Sent from my iPhone using Tapatalk


----------



## ReTTro fit

I think the bumper is really easy to remove, as is the grill 
It's only a few bolts, why pay someone else ?

On iPhone using Tapacrap


----------



## Bowen

1wheelonly said:


> I think the bumper is really easy to remove, as is the grill
> It's only a few bolts, why pay someone else ?
> 
> On iPhone using Tapacrap


Some things you read on forums really do puzzle me. On the focusST forum people use to whinge about how hard it was to remove the standard airbox. I dreaded doing it as I read about the horrors others had encountered. 
It took me 5mins, easy.

It's only easy if you know how, though I suppose.


----------



## ReTTro fit

It's easier than you think

Remove the headlights, then you can see the two 10mm bolts that hold the bumper on to the wings 
Remove the ones that hold the top of the grill on 
The rest is the small torx screws under neath fixed to the arches and undertray 
Then it all pulls off

On iPhone using Tapacrap


----------



## Zed23

To you 2 super mechanics ^^^ sorry I rattled your cage haha! Id rather pay someone to do the dirty work than f**k about with it myself. I didn't have the proper equipment or place to do so...therefore I thought 20 quid was nothing for the amount of work he had to do (spray painting and cutting bits off with jigsaws). But by all means if you enjoy doing stuff like that and spending your time doing it then go for it! But don't come on a forum and moan at people that don't want to do things themselves. I was just saying to the guy that asked that it might work out tricker or harder than it seems and you might not have correct tooling. So no need to jump in thread and act like woman!

Sent from my iPhone using Tapatalk


----------



## ReTTro fit

Who the woopsie are you talking too ?

Too many keypad warriors about these days

Ive not jumped on anything 
Ive not moaned about anything 
My post is purely my experience of doing it myself and my opinion that it is an easy procedure and offered a little advise of how it's done

I purely said how simple it actually is !

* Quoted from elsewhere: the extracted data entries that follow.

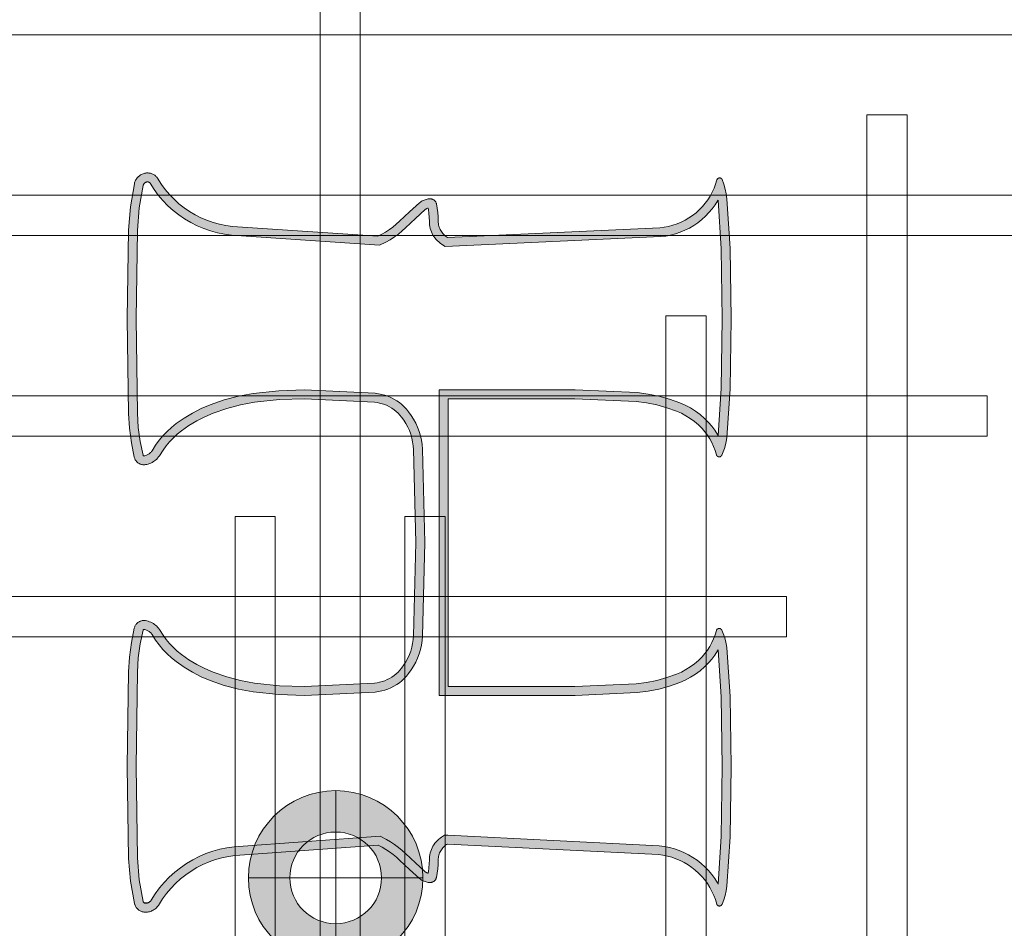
# Model space of a CAD drawing. Header units: millimetres. Extents: x -1097 to 37269, y -9172 to 9131.
# Tile 10 of 36: x 3374 to 3813, y -1294 to -889. Entities that reach past the tile are written whole.
import ezdxf
from ezdxf.enums import TextEntityAlignment as Align

# ---------------------------------------------------------------- set-up
doc = ezdxf.new("R2010")
doc.units = ezdxf.units.MM
doc.layers.add('Ceiling', color=14, linetype='Continuous', lineweight=9)
doc.layers.add('Lighting (Ceiling)', color=160, linetype='Continuous', lineweight=15)
doc.layers.add('LIGHTING', color=6, linetype='Continuous', lineweight=20, true_color=0xff00ff)
doc.layers.add('RCP LAYOUT', color=9, linetype='Continuous', true_color=0x808080)
doc.styles.get("Standard").update_dxf_attribs({"font": 'arial.ttf'})

# ---------------------------------------------------------------- blocks, each defined once
blk = doc.blocks.new('cl')
at = {"layer": 'Lighting (Ceiling)'}
h = blk.add_hatch(color=0, dxfattribs=at)
h.dxf.hatch_style = 1
h.paths.add_polyline_path([(1.533, 0.03, 1), (-1.533, 0.03, 1)])
h.paths.add_polyline_path([(-0.806, 0.03, -1), (0.806, 0.03, -1)], flags=16)
at = {"layer": 'Lighting (Ceiling)', "color": 0}
for p, q in [((0, 1.562), (0, -1.503)), ((-1.533, 0.03), (1.533, 0.03))]:
    blk.add_line(p, q, dxfattribs=at)
for radius in [1.533, 0.806]:
    blk.add_circle((0, 0.03), radius, dxfattribs=at)
at = {"color": 0}
blk.add_attdef('NAME', text='', height=5, dxfattribs=at).set_placement((0.838, 2.713), align=Align.MIDDLE_CENTER)
blk = doc.blocks.new('A$Cbacd199c')
at = {"layer": 'LIGHTING', "ltscale": 0.25}
h = blk.add_hatch(color=256, dxfattribs=at)
h.dxf.hatch_style = 1
h.paths.add_polyline_path([(3429.68, -1282.5), (3429.57, -1282.41), (3429.46, -1282.31), (3429.38, -1282.2), (3429.31, -1282.08), (3429.27, -1281.98), (3429.24, -1281.9), (3427.52, -1272.28), (3426.75, -1262.53), (3426.16, -1221.82), (3426.72, -1179.74), (3427.11, -1173.43), (3427.94, -1167.21), (3429.21, -1161.05), (3429.23, -1161), (3429.25, -1160.95), (3429.29, -1160.91), (3429.33, -1160.87), (3429.37, -1160.83), (3429.43, -1160.8), (3429.48, -1160.78), (3429.54, -1160.76), (3429.61, -1160.76), (3429.67, -1160.76), (3430.05, -1160.83), (3430.4, -1160.93), (3430.74, -1161.04), (3431.07, -1161.18), (3431.39, -1161.34), (3431.7, -1161.53), (3431.99, -1161.73), (3432.27, -1161.95), (3432.54, -1162.19), (3432.78, -1162.44), (3433.01, -1162.71), (3433.22, -1163), (3434.83, -1165.54), (3436.39, -1167.68), (3438.09, -1169.72), (3439.92, -1171.64), (3441.88, -1173.44), (3443.95, -1175.1), (3447.49, -1177.58), (3451.2, -1179.82), (3455.05, -1181.79), (3459.04, -1183.5), (3465.32, -1185.66), (3471.76, -1187.35), (3478.3, -1188.55), (3489.65, -1189.77), (3501.08, -1190.18), (3532.57, -1188.63), (3534.04, -1188.43), (3535.46, -1188.14), (3536.86, -1187.76), (3538.23, -1187.28), (3539.57, -1186.71), (3540.86, -1186.05), (3542.11, -1185.31), (3543.3, -1184.48), (3544.43, -1183.58), (3545.5, -1182.6), (3546.5, -1181.55), (3547.42, -1180.43), (3548.6, -1178.8), (3549.66, -1177.1), (3550.61, -1175.32), (3551.43, -1173.49), (3552.12, -1171.61), (3552.69, -1169.68), (3553.12, -1167.72), (3553.42, -1165.74), (3553.59, -1163.76), (3554.6, -1122.11), (3553.59, -1080.46), (3553.42, -1078.48), (3553.12, -1076.5), (3552.69, -1074.54), (3552.12, -1072.61), (3551.43, -1070.73), (3550.61, -1068.9), (3549.66, -1067.13), (3548.6, -1065.42), (3547.42, -1063.79), (3546.5, -1062.67), (3545.5, -1061.62), (3544.43, -1060.64), (3543.3, -1059.74), (3542.11, -1058.91), (3540.86, -1058.17), (3539.57, -1057.51), (3538.23, -1056.94), (3536.86, -1056.46), (3535.46, -1056.08), (3534.04, -1055.79), (3532.57, -1055.6), (3501.08, -1054.04), (3489.65, -1054.45), (3478.3, -1055.67), (3471.76, -1056.87), (3465.32, -1058.56), (3459.04, -1060.73), (3455.05, -1062.43), (3451.2, -1064.41), (3447.49, -1066.64), (3443.95, -1069.12), (3441.88, -1070.79), (3439.92, -1072.59), (3438.09, -1074.51), (3436.39, -1076.54), (3434.83, -1078.69), (3433.22, -1081.23), (3433.01, -1081.51), (3432.78, -1081.78), (3432.54, -1082.04), (3432.27, -1082.28), (3431.99, -1082.5), (3431.7, -1082.7), (3431.39, -1082.88), (3431.07, -1083.04), (3430.74, -1083.18), (3430.4, -1083.3), (3430.05, -1083.39), (3429.7, -1083.46), (3429.64, -1083.47), (3429.58, -1083.46), (3429.51, -1083.45), (3429.45, -1083.43), (3429.4, -1083.41), (3429.35, -1083.37), (3429.31, -1083.34), (3429.27, -1083.3), (3429.24, -1083.25), (3429.22, -1083.2), (3427.94, -1077.01), (3427.11, -1070.79), (3426.72, -1064.49), (3426.16, -1022.41), (3426.78, -983.08), (3427.56, -973.03), (3429.26, -963.12), (3429.29, -963), (3429.33, -962.87), (3429.39, -962.74), (3429.45, -962.61), (3429.52, -962.48), (3429.6, -962.36), (3429.69, -962.25), (3429.78, -962.14), (3429.89, -962.04), (3430, -961.94), (3430.11, -961.85), (3430.23, -961.77), (3430.36, -961.7), (3430.5, -961.64), (3430.63, -961.58), (3430.78, -961.53), (3430.92, -961.5), (3431.01, -961.48), (3431.1, -961.47), (3431.2, -961.46), (3431.29, -961.46), (3431.38, -961.47), (3431.48, -961.49), (3431.57, -961.51), (3431.66, -961.53), (3431.75, -961.56), (3431.83, -961.6), (3431.91, -961.64), (3431.99, -961.69), (3432.07, -961.74), (3432.14, -961.8), (3432.2, -961.86), (3432.27, -961.92), (3432.32, -961.99), (3432.38, -962.06), (3434.13, -964.81), (3436, -967.37), (3438.05, -969.8), (3440.26, -972.08), (3442.62, -974.22), (3445.11, -976.19), (3447.74, -977.99), (3450.47, -979.61), (3453.32, -981.04), (3456.25, -982.29), (3459.26, -983.33), (3462.33, -984.17), (3465.45, -984.81), (3468.61, -985.24), (3534.53, -989.68), (3537.35, -988.29), (3539.26, -987.2), (3541.11, -986.01), (3542.88, -984.71), (3544.57, -983.31), (3546.1, -981.87), (3550.45, -977.71), (3554.86, -973.79), (3555.05, -973.64), (3555.22, -973.52), (3555.4, -973.41), (3555.59, -973.32), (3555.78, -973.23), (3555.98, -973.16), (3556.11, -973.12), (3556.24, -973.79), (3556.46, -975.52), (3556.6, -977.25), (3556.65, -979.1), (3556.67, -979.79), (3556.75, -980.59), (3556.88, -981.38), (3557.06, -982.16), (3557.29, -982.93), (3557.58, -983.68), (3557.91, -984.41), (3558.28, -985.12), (3558.71, -985.8), (3559.17, -986.45), (3559.68, -987.07), (3560.22, -987.66), (3560.81, -988.21), (3561.42, -988.72), (3562.07, -989.19), (3563.7, -990.22), (3659.62, -985.86), (3661.86, -985.58), (3664.05, -985.15), (3666.21, -984.58), (3668.32, -983.86), (3670.38, -983), (3672.38, -982.01), (3674.3, -980.88), (3676.14, -979.63), (3677.9, -978.25), (3679.55, -976.77), (3681.1, -975.17), (3682.54, -973.47), (3683.86, -971.68), (3685.06, -969.81), (3685.18, -969.59), (3686.58, -991.24), (3687.01, -1022.4), (3686.57, -1053.49), (3685.14, -1074.38), (3684.86, -1073.88), (3683.68, -1072.03), (3682.36, -1070.28), (3680.93, -1068.61), (3679.1, -1066.78), (3677.13, -1065.08), (3675.05, -1063.54), (3672.85, -1062.15), (3670.55, -1060.93), (3668.17, -1059.88), (3663.54, -1058.24), (3658.8, -1056.93), (3653.98, -1055.95), (3649.09, -1055.32), (3621.51, -1054.04), (3561.03, -1054.04), (3561.03, -1190.18), (3621.51, -1190.18), (3649.09, -1188.9), (3653.98, -1188.27), (3658.8, -1187.3), (3663.54, -1185.98), (3668.17, -1184.34), (3670.55, -1183.29), (3672.85, -1182.07), (3675.05, -1180.69), (3677.13, -1179.14), (3679.1, -1177.44), (3680.93, -1175.61), (3682.36, -1173.94), (3683.68, -1172.19), (3684.86, -1170.35), (3685.14, -1169.85), (3686.57, -1190.73), (3687.01, -1221.82), (3686.57, -1252.94), (3685.16, -1274.13), (3684.88, -1273.61), (3683.67, -1271.69), (3682.33, -1269.85), (3680.86, -1268.11), (3679.29, -1266.48), (3677.6, -1264.95), (3675.82, -1263.54), (3673.94, -1262.25), (3671.98, -1261.08), (3669.95, -1260.06), (3667.85, -1259.17), (3665.7, -1258.42), (3663.5, -1257.81), (3661.27, -1257.36), (3658.97, -1257.05), (3564.86, -1252.36), (3563.46, -1252.36), (3562.06, -1253.26), (3561.42, -1253.72), (3560.8, -1254.24), (3560.22, -1254.79), (3559.67, -1255.37), (3559.17, -1256), (3558.7, -1256.65), (3558.28, -1257.33), (3557.9, -1258.04), (3557.57, -1258.77), (3557.29, -1259.52), (3557.06, -1260.29), (3556.88, -1261.07), (3556.75, -1261.86), (3556.67, -1262.66), (3556.65, -1263.34), (3556.6, -1265.2), (3556.46, -1266.93), (3556.24, -1268.66), (3556.11, -1269.33), (3555.98, -1269.29), (3555.78, -1269.21), (3555.59, -1269.13), (3555.4, -1269.03), (3555.22, -1268.92), (3555.05, -1268.8), (3554.86, -1268.65), (3550.45, -1264.73), (3546.1, -1260.57), (3544.59, -1259.17), (3542.94, -1257.79), (3541.21, -1256.51), (3539.4, -1255.33), (3537.53, -1254.25), (3534.73, -1252.85), (3469.82, -1257.49), (3466.59, -1257.94), (3463.41, -1258.61), (3460.27, -1259.48), (3457.2, -1260.56), (3454.21, -1261.85), (3451.32, -1263.32), (3448.52, -1264.99), (3445.85, -1266.84), (3443.31, -1268.86), (3440.91, -1271.04), (3438.66, -1273.38), (3436.57, -1275.86), (3434.65, -1278.48), (3432.81, -1281.38), (3432.7, -1281.54), (3432.57, -1281.68), (3432.44, -1281.83), (3432.29, -1281.96), (3432.14, -1282.08), (3431.98, -1282.19), (3431.81, -1282.29), (3431.63, -1282.39), (3431.45, -1282.46)], flags=16)
h.paths.add_polyline_path([(3425.83, -1283.99), (3426, -1284.28), (3426.18, -1284.56), (3426.39, -1284.83), (3426.61, -1285.08), (3426.85, -1285.31), (3427.11, -1285.53), (3427.38, -1285.73), (3427.66, -1285.92), (3427.95, -1286.08), (3428.26, -1286.22), (3428.57, -1286.35), (3428.89, -1286.45), (3429.22, -1286.54), (3429.55, -1286.6), (3429.88, -1286.63), (3430.22, -1286.65), (3430.68, -1286.64), (3431.14, -1286.6), (3431.59, -1286.54), (3432.04, -1286.44), (3432.49, -1286.31), (3432.92, -1286.16), (3433.34, -1285.97), (3433.75, -1285.76), (3434.14, -1285.52), (3434.52, -1285.26), (3434.87, -1284.98), (3435.21, -1284.67), (3435.53, -1284.34), (3435.82, -1283.98), (3436.09, -1283.62), (3437.93, -1280.72), (3439.69, -1278.32), (3441.61, -1276.04), (3443.67, -1273.89), (3445.88, -1271.88), (3448.22, -1270.03), (3450.67, -1268.33), (3453.24, -1266.8), (3455.9, -1265.44), (3458.65, -1264.27), (3461.47, -1263.27), (3464.35, -1262.47), (3467.28, -1261.85), (3470.24, -1261.44), (3533.93, -1256.89), (3535.65, -1257.75), (3537.32, -1258.71), (3538.94, -1259.77), (3540.49, -1260.91), (3541.97, -1262.14), (3543.37, -1263.46), (3547.76, -1267.65), (3552.3, -1271.69), (3552.66, -1271.98), (3553.05, -1272.25), (3553.44, -1272.49), (3553.86, -1272.71), (3554.28, -1272.89), (3554.72, -1273.06), (3555.17, -1273.19), (3555.63, -1273.29), (3556.09, -1273.37), (3556.55, -1273.41), (3557.02, -1273.43), (3557.21, -1273.42), (3557.39, -1273.41), (3557.57, -1273.38), (3557.75, -1273.33), (3557.93, -1273.28), (3558.1, -1273.22), (3558.27, -1273.14), (3558.43, -1273.06), (3558.59, -1272.96), (3558.74, -1272.85), (3558.89, -1272.74), (3559.02, -1272.61), (3559.15, -1272.48), (3559.27, -1272.34), (3559.38, -1272.19), (3559.47, -1272.04), (3559.56, -1271.88), (3559.64, -1271.71), (3559.71, -1271.54), (3559.76, -1271.36), (3559.81, -1271.19), (3560.16, -1269.27), (3560.41, -1267.34), (3560.56, -1265.4), (3560.61, -1263.46), (3560.63, -1262.92), (3560.68, -1262.38), (3560.77, -1261.84), (3560.9, -1261.31), (3561.05, -1260.79), (3561.24, -1260.28), (3561.47, -1259.79), (3561.72, -1259.31), (3562.01, -1258.85), (3562.32, -1258.41), (3562.67, -1257.98), (3563.04, -1257.58), (3563.44, -1257.21), (3563.86, -1256.86), (3564.3, -1256.54), (3564.63, -1256.33), (3564.76, -1256.33), (3658.61, -1261.01), (3660.61, -1261.28), (3662.58, -1261.68), (3664.52, -1262.21), (3666.42, -1262.87), (3668.28, -1263.66), (3670.07, -1264.57), (3671.8, -1265.59), (3673.46, -1266.73), (3675.03, -1267.98), (3676.52, -1269.33), (3677.91, -1270.77), (3679.2, -1272.31), (3680.39, -1273.92), (3681.46, -1275.62), (3682.41, -1277.38), (3683.24, -1279.2), (3683.95, -1281.07), (3684.55, -1283.06), (3684.58, -1283.14), (3684.62, -1283.22), (3684.66, -1283.29), (3684.7, -1283.36), (3684.75, -1283.43), (3684.8, -1283.5), (3684.86, -1283.56), (3684.92, -1283.61), (3684.99, -1283.67), (3685.06, -1283.71), (3685.13, -1283.76), (3685.21, -1283.8), (3685.29, -1283.83), (3685.37, -1283.86), (3685.45, -1283.88), (3685.53, -1283.9), (3685.61, -1283.91), (3685.7, -1283.92), (3685.78, -1283.92), (3685.87, -1283.91), (3685.95, -1283.9), (3686.04, -1283.89), (3686.12, -1283.87), (3686.2, -1283.84), (3686.28, -1283.81), (3686.35, -1283.77), (3686.43, -1283.73), (3686.5, -1283.68), (3686.56, -1283.63), (3686.63, -1283.58), (3686.69, -1283.52), (3686.74, -1283.45), (3686.79, -1283.38), (3686.84, -1283.31), (3686.88, -1283.24), (3686.92, -1283.16), (3687.69, -1281.2), (3688.32, -1279.18), (3688.78, -1277.13), (3689.08, -1275.04), (3690.54, -1253.1), (3690.98, -1221.82), (3690.53, -1190.57), (3689.05, -1168.78), (3688.82, -1167.18), (3688.48, -1165.61), (3688.04, -1164.05), (3687.49, -1162.53), (3686.84, -1161.05), (3686.8, -1160.98), (3686.75, -1160.91), (3686.7, -1160.84), (3686.65, -1160.77), (3686.59, -1160.71), (3686.53, -1160.65), (3686.46, -1160.59), (3686.39, -1160.54), (3686.32, -1160.5), (3686.25, -1160.46), (3686.17, -1160.42), (3686.09, -1160.39), (3686.01, -1160.37), (3685.92, -1160.35), (3685.84, -1160.33), (3685.75, -1160.32), (3685.67, -1160.32), (3685.58, -1160.32), (3685.5, -1160.33), (3685.41, -1160.34), (3685.33, -1160.36), (3685.25, -1160.39), (3685.17, -1160.42), (3685.09, -1160.45), (3685.01, -1160.49), (3684.94, -1160.54), (3684.87, -1160.59), (3684.8, -1160.64), (3684.74, -1160.7), (3684.68, -1160.76), (3684.63, -1160.83), (3684.58, -1160.9), (3684.53, -1160.97), (3684.49, -1161.04), (3684.46, -1161.12), (3684.43, -1161.2), (3684.41, -1161.28), (3683.85, -1163.11), (3683.18, -1164.9), (3682.37, -1166.64), (3681.45, -1168.31), (3680.41, -1169.92), (3679.27, -1171.46), (3678.02, -1172.91), (3676.39, -1174.54), (3674.65, -1176.04), (3672.8, -1177.41), (3670.86, -1178.64), (3668.82, -1179.72), (3666.71, -1180.65), (3662.35, -1182.2), (3657.88, -1183.43), (3653.34, -1184.35), (3648.74, -1184.94), (3621.41, -1186.21), (3565, -1186.21), (3565, -1058.01), (3621.41, -1058.01), (3648.74, -1059.28), (3653.34, -1059.87), (3657.88, -1060.79), (3662.35, -1062.03), (3666.71, -1063.58), (3668.82, -1064.5), (3670.86, -1065.59), (3672.8, -1066.81), (3674.65, -1068.18), (3676.39, -1069.69), (3678.02, -1071.31), (3679.27, -1072.77), (3680.41, -1074.3), (3681.45, -1075.91), (3682.37, -1077.59), (3683.18, -1079.32), (3683.85, -1081.11), (3684.41, -1082.94), (3684.43, -1083.02), (3684.46, -1083.1), (3684.49, -1083.18), (3684.53, -1083.25), (3684.58, -1083.33), (3684.63, -1083.4), (3684.68, -1083.46), (3684.74, -1083.52), (3684.8, -1083.58), (3684.87, -1083.64), (3684.94, -1083.69), (3685.01, -1083.73), (3685.09, -1083.77), (3685.17, -1083.81), (3685.25, -1083.84), (3685.33, -1083.86), (3685.41, -1083.88), (3685.5, -1083.89), (3685.58, -1083.9), (3685.67, -1083.9), (3685.75, -1083.9), (3685.84, -1083.89), (3685.92, -1083.88), (3686.01, -1083.86), (3686.09, -1083.83), (3686.17, -1083.8), (3686.25, -1083.77), (3686.32, -1083.73), (3686.39, -1083.68), (3686.46, -1083.63), (3686.53, -1083.58), (3686.59, -1083.52), (3686.65, -1083.45), (3686.7, -1083.39), (3686.75, -1083.32), (3686.8, -1083.25), (3686.84, -1083.17), (3687.49, -1081.69), (3688.04, -1080.17), (3688.48, -1078.62), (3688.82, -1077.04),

Simple is a word I'm sure you could relate too

You need to be careful coming on a forum and start name calling and giving it the big en

On iPhone using Tapacrap


----------



## Tangerine Knight

Another newbie trying to get his post count up. Instead of joining a forum asking for advice just get someone to do it for you


----------



## Zed23

No-one is trying to get they're count up on anything(don't even know what that means)!

All I'm saying is some people might find things harder to do than people with more experience. So it's unfair to say things are simple or easy when others may find it more difficult.

Don't get your knickers in a twist big man!

Sent from my iPhone using Tapatalk


----------



## Tangerine Knight

I think its you who has got your knickers in a twist, you made a comment about looking on the wanted section but you can't because your post count isn't enough.(that's what I meant about that)


----------



## California3.2Quattro

I'll volunteer to referee here a bit. 

20 quid is about 30 U.S. dollars. I would have paid someone that money to install my TTS bumper on my V6. The time savings alone pretty much makes it worth it.

Some folks live in apartment buildings without a garage, have few tools, and little space to do the work. Or, they have better things to do from their perspective than spend even an hour in their garage.

No knock against those who like to do these jobs themselves. I'd say between my motorcycle and car, I do about 70 percent of my work on my own and generally enjoy it. But sometimes, usually because I'd rather spend time going on a hike, or hanging out with family, on that particular weekend day, I'll pay someone.

No big deal, and no reason to piss on that choice.

For instance, someone is washing my car right now and I'm paying him to do it. I could do it myself. I would do just as good a job, or better.

But this guy has washed my car before, I like the job he does, and he's earned my business with the quality of the work. I'm free now to put the car wash aside this weekend and spend it going to a ballgame with my family.


----------



## Zed23

blackpoolfc said:


> I think its you who has got your knickers in a twist, you made a comment about looking on the wanted section but you can't because your post count isn't enough.(that's what I meant about that)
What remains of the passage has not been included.